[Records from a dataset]
[Start of section]
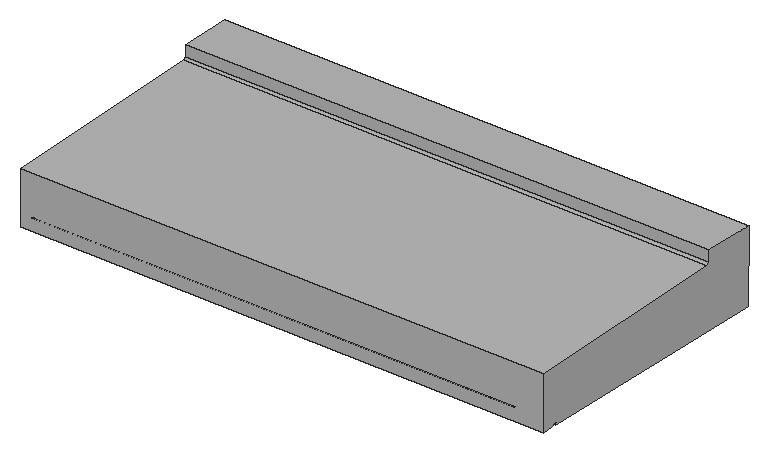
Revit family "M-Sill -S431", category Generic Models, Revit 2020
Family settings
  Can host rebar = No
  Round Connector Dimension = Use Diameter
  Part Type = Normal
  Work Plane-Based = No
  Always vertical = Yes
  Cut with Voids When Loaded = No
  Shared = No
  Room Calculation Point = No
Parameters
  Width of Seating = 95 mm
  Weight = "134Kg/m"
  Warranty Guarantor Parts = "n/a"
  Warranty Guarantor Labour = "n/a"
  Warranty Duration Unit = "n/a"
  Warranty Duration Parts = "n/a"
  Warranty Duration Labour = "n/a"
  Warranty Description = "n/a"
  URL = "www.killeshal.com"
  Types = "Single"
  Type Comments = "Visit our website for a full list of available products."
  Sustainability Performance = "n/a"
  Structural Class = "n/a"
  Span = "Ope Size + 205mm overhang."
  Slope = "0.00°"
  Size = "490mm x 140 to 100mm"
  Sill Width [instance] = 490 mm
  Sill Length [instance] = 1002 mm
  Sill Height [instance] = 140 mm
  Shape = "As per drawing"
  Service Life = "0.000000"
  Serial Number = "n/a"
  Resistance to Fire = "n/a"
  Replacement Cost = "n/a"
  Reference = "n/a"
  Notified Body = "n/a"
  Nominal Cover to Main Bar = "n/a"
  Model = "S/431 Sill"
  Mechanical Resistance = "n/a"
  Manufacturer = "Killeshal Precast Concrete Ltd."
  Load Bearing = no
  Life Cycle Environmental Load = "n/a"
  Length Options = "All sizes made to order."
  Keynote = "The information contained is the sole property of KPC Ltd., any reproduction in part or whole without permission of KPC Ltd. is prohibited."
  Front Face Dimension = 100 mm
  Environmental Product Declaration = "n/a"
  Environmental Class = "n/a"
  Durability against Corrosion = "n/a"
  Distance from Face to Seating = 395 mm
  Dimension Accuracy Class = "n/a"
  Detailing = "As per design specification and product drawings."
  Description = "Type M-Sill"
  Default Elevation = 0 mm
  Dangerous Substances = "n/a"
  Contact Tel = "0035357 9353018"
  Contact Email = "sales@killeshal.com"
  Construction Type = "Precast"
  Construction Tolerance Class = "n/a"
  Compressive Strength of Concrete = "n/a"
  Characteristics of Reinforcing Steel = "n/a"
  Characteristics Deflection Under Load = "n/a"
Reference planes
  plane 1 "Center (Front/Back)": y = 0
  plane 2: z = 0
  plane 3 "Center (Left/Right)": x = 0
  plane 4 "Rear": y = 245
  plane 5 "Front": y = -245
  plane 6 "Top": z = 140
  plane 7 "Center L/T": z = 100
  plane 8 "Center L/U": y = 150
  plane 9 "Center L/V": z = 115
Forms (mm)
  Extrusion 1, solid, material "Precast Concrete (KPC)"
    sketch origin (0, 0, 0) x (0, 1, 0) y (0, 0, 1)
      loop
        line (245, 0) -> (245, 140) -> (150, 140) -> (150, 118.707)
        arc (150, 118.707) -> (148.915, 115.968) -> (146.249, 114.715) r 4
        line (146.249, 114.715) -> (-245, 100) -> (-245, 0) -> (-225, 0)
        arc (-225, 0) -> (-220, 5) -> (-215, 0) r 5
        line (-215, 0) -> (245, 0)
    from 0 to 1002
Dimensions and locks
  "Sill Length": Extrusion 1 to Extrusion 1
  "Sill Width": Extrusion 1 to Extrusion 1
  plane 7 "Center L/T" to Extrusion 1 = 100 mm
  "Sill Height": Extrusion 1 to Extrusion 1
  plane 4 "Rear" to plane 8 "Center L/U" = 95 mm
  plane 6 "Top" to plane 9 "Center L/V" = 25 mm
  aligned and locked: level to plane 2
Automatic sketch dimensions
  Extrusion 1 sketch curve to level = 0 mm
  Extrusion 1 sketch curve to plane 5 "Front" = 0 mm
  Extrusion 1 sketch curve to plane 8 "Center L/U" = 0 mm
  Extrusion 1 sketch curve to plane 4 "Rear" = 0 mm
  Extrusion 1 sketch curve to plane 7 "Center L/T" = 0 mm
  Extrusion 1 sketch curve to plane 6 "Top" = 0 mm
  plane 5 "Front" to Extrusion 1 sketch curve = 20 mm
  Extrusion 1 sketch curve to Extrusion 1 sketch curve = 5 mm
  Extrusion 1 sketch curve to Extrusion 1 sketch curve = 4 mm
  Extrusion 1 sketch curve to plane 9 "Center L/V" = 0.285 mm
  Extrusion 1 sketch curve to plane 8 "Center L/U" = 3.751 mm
[End of section]
◆ Directions ◆
For the lines above, output exactly those from the line containing "line (-215, 0) -> (245, 0)" through the line containing "Extrusion 1 sketch curve to plane 7", and skip the others.

◆ Task output ◆
        line (-215, 0) -> (245, 0)
    from 0 to 1002
Dimensions and locks
  "Sill Length": Extrusion 1 to Extrusion 1
  "Sill Width": Extrusion 1 to Extrusion 1
  plane 7 "Center L/T" to Extrusion 1 = 100 mm
  "Sill Height": Extrusion 1 to Extrusion 1
  plane 4 "Rear" to plane 8 "Center L/U" = 95 mm
  plane 6 "Top" to plane 9 "Center L/V" = 25 mm
  aligned and locked: level to plane 2
Automatic sketch dimensions
  Extrusion 1 sketch curve to level = 0 mm
  Extrusion 1 sketch curve to plane 5 "Front" = 0 mm
  Extrusion 1 sketch curve to plane 8 "Center L/U" = 0 mm
  Extrusion 1 sketch curve to plane 4 "Rear" = 0 mm
  Extrusion 1 sketch curve to plane 7 "Center L/T" = 0 mm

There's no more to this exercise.